Security researchers have uncovered a new design flaw in the Google Workspace Domain-Wide Delegation feature.
Named “DeleFriend” by Hunters’ Team Axon, the vulnerability could potentially expose Google Workspace to unauthorized access and privilege escalation in its APIs.
According to an advisory published by the team on Tuesday, exploiting this flaw could lead to the unauthorized access of emails in Gmail, extraction of data from Google Drive and other illicit activities within Google Workspace APIs across all identities in the targeted domain.
DeleFriend permits potential attackers to manipulate established delegations in both Google Cloud Platform (GCP) and Google Workspace. Notably, this manipulation can occur without the high-privilege Super Admin role in Workspace, typically necessary for creating new delegations.
Instead, by having lower-privileged access to a targeted GCP project, attackers can generate multiple JSON web tokens (JWTs) incorporating various OAuth scopes. The objective is to identify successful combinations of private key pairs and authorized OAuth scopes, signaling the activation of domain-wide delegation for the service account.
Team Axon’s research paper also introduced a proof-of-concept tool to evaluate security risks within Google Workspace and GCP environments in relation to this flaw.
“These types of vulnerabilities underscore why having independent visibility into SaaS Data Access is critical,” commented Tim Davis, vice president of solution consulting at DoControl.
“No SaaS platform will ever have perfect security, and this only reiterates the need for having tools in place to recognize, alert, and even automatically remediate when data in a SaaS platform is being accessed via previously unseen or abnormal means, whether by users, APIs, or 3rd party applications.”

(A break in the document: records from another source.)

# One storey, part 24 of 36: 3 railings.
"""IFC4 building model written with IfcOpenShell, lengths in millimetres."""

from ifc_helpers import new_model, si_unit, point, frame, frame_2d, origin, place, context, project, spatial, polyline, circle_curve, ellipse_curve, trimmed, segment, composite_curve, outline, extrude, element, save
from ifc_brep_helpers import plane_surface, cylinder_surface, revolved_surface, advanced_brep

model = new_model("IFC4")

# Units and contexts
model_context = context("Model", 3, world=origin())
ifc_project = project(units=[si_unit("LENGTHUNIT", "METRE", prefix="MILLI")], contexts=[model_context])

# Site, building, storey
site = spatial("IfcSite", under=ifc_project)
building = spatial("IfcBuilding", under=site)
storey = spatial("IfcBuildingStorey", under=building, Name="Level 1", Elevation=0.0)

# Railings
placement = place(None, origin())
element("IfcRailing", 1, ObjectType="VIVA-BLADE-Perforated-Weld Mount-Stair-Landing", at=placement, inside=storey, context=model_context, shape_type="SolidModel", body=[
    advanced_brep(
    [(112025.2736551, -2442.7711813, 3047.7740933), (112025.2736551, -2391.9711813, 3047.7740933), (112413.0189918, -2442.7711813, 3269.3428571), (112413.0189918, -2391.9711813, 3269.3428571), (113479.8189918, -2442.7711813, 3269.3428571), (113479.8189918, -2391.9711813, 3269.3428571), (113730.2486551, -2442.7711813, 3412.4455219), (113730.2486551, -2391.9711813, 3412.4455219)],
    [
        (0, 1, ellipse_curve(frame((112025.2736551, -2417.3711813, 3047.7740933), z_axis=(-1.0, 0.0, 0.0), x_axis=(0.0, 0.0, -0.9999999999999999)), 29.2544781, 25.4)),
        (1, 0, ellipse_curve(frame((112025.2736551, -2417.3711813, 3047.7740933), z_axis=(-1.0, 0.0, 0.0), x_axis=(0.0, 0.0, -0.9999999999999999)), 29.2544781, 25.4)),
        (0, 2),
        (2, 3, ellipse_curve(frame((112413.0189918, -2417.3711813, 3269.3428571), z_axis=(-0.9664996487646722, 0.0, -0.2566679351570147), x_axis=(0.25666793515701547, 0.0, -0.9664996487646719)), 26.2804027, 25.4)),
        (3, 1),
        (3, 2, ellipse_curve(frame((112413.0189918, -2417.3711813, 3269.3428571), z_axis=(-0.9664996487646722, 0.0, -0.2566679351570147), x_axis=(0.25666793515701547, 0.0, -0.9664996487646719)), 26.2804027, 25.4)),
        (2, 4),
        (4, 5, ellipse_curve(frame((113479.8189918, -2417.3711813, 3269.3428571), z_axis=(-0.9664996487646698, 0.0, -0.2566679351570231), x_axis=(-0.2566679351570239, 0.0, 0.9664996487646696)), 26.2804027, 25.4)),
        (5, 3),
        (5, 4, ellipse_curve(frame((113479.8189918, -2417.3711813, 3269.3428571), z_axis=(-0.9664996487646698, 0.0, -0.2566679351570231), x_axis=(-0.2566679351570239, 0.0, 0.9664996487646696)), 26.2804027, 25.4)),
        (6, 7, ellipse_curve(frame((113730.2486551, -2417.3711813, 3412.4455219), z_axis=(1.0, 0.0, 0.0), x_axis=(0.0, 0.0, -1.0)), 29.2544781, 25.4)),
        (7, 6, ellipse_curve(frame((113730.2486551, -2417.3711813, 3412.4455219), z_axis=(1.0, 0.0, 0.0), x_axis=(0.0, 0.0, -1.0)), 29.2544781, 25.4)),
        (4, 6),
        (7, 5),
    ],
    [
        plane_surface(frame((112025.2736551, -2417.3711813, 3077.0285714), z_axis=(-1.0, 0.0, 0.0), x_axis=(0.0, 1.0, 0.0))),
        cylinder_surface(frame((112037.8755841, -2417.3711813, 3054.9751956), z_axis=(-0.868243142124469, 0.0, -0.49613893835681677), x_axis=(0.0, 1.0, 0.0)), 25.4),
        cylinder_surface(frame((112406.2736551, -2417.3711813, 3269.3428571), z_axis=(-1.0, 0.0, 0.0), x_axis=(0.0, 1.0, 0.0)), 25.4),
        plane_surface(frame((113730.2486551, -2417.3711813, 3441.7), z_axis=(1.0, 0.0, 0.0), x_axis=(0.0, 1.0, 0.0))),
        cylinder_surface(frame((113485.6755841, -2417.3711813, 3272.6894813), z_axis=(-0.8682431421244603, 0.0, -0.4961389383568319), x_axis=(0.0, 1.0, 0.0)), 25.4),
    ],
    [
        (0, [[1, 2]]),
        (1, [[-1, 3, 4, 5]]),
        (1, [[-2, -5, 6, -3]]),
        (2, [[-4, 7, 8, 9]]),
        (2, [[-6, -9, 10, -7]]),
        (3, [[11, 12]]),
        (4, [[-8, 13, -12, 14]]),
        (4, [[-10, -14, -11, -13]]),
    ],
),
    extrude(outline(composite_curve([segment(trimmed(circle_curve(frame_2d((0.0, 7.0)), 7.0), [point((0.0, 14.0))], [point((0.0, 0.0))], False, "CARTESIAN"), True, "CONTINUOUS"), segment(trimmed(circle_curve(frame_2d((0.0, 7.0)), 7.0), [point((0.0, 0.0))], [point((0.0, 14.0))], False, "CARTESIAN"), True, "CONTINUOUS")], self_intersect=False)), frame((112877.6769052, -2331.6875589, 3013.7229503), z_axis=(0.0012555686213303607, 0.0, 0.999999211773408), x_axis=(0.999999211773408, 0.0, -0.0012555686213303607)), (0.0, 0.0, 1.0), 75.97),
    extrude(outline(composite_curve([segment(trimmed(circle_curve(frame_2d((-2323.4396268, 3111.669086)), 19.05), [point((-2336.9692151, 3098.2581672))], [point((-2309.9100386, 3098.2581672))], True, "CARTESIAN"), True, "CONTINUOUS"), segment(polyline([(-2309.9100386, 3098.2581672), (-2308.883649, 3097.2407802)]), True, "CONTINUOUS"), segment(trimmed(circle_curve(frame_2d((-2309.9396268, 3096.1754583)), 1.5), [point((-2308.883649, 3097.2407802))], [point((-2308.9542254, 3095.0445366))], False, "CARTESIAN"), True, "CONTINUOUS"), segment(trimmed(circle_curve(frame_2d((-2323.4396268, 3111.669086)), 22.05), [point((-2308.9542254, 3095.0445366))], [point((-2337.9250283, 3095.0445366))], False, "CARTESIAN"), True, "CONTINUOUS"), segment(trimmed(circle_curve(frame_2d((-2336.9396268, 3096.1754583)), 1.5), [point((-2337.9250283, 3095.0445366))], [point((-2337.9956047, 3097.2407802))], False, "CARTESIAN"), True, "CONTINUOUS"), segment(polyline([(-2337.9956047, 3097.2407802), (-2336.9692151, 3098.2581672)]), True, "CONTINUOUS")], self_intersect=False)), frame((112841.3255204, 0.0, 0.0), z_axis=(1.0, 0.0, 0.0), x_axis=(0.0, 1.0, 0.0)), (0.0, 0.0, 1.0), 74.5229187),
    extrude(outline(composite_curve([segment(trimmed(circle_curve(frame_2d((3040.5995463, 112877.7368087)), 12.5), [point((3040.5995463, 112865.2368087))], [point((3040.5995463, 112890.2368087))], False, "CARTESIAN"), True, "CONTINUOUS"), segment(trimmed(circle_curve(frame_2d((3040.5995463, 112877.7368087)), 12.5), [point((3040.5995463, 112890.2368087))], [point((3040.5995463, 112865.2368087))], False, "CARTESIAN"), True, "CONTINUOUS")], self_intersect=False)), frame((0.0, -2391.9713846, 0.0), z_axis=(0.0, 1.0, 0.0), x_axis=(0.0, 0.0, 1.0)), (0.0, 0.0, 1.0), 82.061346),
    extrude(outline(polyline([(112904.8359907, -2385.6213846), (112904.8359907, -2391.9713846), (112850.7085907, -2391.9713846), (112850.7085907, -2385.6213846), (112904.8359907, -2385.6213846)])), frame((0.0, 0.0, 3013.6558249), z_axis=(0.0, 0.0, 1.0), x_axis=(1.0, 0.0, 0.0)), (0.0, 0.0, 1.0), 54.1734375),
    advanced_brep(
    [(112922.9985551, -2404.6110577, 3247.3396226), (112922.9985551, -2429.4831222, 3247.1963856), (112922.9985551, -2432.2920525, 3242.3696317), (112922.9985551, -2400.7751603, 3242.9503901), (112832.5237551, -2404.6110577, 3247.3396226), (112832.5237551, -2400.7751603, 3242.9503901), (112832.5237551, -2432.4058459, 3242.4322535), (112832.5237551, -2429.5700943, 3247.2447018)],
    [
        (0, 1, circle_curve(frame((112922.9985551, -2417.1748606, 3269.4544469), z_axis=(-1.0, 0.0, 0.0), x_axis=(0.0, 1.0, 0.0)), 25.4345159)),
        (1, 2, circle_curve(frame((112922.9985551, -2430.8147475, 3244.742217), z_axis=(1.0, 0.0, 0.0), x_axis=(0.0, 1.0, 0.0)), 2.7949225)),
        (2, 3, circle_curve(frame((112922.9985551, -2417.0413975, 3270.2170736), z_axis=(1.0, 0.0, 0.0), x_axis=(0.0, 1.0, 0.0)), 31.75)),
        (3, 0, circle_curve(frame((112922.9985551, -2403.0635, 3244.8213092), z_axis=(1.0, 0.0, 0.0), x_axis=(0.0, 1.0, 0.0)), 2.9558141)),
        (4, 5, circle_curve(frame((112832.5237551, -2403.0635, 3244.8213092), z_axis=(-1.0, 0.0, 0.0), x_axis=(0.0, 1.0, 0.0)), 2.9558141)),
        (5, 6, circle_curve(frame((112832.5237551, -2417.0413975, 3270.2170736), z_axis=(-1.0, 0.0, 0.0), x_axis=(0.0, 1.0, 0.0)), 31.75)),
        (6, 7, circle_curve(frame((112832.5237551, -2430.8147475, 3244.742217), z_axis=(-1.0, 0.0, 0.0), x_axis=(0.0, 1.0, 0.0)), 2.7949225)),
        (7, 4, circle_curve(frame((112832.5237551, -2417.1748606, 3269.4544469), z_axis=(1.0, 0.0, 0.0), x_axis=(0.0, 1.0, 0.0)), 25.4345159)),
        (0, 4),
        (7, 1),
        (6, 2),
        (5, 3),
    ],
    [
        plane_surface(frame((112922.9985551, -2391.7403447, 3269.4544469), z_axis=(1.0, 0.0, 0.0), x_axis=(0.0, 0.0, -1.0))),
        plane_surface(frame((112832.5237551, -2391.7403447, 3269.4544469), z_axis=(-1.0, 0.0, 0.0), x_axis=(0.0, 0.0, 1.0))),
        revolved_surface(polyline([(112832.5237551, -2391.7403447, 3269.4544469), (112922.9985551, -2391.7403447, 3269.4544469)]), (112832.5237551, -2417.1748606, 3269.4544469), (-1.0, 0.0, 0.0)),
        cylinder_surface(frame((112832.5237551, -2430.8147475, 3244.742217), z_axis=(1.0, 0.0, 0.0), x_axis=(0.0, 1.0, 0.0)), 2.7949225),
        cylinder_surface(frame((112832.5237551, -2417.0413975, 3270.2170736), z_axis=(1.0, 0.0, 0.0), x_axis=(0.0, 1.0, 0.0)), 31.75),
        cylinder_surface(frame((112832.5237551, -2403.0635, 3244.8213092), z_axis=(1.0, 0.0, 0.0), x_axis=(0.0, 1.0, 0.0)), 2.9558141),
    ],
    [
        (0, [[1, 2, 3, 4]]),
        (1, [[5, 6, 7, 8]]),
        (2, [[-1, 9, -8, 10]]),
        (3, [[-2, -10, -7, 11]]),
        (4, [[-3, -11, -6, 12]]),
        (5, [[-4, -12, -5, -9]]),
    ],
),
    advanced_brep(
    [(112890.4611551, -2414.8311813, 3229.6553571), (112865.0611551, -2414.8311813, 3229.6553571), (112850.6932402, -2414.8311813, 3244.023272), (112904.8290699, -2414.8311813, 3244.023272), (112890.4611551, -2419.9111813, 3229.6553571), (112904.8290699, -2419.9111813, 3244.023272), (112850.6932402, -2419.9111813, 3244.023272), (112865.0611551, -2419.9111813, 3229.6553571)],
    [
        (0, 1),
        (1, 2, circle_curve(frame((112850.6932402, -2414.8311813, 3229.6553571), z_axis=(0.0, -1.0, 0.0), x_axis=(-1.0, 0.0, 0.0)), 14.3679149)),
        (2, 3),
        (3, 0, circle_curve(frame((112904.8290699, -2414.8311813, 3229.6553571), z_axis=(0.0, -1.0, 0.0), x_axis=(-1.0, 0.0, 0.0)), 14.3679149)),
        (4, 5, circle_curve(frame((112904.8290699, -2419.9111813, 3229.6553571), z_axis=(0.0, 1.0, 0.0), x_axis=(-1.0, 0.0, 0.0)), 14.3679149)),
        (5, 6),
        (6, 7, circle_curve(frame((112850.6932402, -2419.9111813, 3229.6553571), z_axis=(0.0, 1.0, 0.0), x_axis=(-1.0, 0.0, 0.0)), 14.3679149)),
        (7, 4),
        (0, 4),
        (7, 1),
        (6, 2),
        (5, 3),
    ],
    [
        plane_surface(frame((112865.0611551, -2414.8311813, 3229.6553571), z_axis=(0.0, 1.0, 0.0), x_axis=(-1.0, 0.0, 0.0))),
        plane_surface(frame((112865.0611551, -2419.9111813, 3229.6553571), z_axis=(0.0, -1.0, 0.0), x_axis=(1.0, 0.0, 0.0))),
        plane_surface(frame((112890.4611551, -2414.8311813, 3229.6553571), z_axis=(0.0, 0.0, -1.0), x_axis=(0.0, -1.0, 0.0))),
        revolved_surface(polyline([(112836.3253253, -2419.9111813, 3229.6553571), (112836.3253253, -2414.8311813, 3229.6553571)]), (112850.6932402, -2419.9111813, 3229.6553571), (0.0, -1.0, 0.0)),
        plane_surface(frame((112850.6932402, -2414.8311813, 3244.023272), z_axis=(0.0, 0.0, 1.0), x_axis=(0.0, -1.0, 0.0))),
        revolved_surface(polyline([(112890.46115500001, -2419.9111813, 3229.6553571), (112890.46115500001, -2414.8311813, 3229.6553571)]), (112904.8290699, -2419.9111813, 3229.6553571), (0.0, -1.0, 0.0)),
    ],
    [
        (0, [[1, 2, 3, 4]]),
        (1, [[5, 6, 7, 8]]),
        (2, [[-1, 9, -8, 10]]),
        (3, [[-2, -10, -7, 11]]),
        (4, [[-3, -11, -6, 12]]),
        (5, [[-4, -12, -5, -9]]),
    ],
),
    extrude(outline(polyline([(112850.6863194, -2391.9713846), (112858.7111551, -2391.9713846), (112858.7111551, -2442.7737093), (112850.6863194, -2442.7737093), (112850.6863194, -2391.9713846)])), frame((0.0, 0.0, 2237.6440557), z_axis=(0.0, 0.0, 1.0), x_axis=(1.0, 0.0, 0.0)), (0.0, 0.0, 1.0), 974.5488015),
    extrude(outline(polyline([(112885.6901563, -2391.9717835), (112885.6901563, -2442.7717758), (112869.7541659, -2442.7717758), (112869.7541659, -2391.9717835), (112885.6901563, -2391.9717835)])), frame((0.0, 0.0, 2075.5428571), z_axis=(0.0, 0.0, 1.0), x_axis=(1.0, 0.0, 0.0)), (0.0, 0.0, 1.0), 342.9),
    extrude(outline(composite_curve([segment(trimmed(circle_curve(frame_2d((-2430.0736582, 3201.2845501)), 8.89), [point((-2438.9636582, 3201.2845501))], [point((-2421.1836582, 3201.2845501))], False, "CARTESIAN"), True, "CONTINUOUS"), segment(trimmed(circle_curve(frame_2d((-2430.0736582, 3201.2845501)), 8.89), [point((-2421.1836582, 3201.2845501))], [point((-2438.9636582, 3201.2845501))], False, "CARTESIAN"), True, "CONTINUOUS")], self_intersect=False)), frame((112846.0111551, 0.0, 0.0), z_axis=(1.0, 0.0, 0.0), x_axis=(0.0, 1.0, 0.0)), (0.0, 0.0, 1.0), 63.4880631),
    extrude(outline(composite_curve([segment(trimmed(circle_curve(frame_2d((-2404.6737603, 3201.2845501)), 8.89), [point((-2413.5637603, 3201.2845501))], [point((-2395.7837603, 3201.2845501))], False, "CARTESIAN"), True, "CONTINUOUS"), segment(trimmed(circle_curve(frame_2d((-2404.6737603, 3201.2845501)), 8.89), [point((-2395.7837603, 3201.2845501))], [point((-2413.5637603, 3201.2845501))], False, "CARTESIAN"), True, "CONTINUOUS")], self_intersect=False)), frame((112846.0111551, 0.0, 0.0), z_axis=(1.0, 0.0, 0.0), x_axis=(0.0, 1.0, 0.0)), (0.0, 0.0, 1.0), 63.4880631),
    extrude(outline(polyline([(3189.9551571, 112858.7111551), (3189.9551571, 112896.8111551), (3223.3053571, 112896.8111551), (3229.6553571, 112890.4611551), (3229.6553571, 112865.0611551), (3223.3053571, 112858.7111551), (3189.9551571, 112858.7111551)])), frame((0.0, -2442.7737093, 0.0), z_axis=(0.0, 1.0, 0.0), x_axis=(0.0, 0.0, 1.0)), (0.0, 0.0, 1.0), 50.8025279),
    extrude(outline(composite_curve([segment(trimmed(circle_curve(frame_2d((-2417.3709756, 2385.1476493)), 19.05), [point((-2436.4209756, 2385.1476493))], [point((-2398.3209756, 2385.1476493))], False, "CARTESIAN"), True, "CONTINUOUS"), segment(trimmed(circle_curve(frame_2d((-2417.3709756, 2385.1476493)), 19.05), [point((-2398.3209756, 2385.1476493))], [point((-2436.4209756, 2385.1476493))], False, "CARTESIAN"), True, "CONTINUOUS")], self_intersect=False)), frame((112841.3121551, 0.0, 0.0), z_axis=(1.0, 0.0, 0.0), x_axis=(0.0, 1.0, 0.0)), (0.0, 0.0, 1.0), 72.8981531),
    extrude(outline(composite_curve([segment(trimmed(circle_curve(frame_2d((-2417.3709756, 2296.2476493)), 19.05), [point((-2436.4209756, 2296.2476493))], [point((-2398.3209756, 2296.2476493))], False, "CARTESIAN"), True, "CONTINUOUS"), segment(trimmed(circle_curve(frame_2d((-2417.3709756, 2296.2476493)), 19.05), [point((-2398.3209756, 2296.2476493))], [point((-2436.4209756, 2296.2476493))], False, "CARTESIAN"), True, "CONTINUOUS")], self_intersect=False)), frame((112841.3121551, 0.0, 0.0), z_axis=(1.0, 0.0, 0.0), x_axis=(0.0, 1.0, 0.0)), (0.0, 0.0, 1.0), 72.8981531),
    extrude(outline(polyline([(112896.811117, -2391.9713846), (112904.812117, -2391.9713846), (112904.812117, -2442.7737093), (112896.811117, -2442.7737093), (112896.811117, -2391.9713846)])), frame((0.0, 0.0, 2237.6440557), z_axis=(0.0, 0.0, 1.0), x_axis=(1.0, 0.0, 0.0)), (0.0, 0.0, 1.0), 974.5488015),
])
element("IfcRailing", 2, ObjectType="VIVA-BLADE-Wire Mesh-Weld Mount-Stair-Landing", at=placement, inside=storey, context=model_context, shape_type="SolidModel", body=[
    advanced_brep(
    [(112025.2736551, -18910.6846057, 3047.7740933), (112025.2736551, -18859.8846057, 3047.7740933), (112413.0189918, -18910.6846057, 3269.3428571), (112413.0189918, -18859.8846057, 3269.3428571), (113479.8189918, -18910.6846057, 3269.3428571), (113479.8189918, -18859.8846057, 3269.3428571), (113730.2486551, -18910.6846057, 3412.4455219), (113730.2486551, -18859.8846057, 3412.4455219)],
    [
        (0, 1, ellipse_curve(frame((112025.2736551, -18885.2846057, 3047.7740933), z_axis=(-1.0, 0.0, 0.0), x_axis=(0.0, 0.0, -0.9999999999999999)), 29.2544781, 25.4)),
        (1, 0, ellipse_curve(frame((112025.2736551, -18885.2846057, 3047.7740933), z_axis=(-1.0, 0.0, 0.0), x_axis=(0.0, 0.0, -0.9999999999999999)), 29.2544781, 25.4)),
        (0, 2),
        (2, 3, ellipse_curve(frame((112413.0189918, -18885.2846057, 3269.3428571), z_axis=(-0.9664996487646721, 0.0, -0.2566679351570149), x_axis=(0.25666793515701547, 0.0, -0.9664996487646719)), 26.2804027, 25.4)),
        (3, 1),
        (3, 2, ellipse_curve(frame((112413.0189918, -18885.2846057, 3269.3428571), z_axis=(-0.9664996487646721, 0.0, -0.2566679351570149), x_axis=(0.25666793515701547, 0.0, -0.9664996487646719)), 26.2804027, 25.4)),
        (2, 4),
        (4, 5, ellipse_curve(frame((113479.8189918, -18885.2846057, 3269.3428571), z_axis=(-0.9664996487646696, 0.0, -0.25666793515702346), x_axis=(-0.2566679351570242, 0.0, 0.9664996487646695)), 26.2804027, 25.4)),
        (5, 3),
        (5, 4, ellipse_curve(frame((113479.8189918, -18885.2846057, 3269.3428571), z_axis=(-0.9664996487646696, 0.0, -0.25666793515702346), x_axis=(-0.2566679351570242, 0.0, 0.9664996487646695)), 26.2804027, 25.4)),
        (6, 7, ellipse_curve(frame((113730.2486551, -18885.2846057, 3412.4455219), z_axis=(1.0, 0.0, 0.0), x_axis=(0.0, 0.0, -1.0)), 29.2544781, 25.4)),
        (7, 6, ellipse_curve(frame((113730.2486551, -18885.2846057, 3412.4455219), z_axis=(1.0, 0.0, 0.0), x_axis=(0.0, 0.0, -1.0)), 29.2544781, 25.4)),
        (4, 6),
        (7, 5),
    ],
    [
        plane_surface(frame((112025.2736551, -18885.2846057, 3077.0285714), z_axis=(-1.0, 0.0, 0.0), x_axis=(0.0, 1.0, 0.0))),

Key recommendations outlined in the Hunters blog post include smart role management, limiting OAuth scopes, implementing detection engineering and maintaining a continuous examination of security postures.
The responsible disclosure timeline reveals that the vulnerability was reported to Google on August 7 2023, initially categorized as an “Abuse Risk,” and accepted on October 31 2023. Despite being disclosed, the flaw persists as of the latest update.
“Google is currently reviewing the vulnerability, but in the meantime, security teams using Google Workspace should audit their permissions and be sure that the GCP permissions are locked down to only accounts that need the access,” explained Adam Neel, cyber-research unit detection engineer at Critical Start.
“This permission is commonly given through the ‘Editor’ role, but custom roles could have it as well. To exploit this vulnerability, attackers must have initial access to a GCP IAM user. Without direct access to an account, attackers will be unable to exploit this vulnerability.”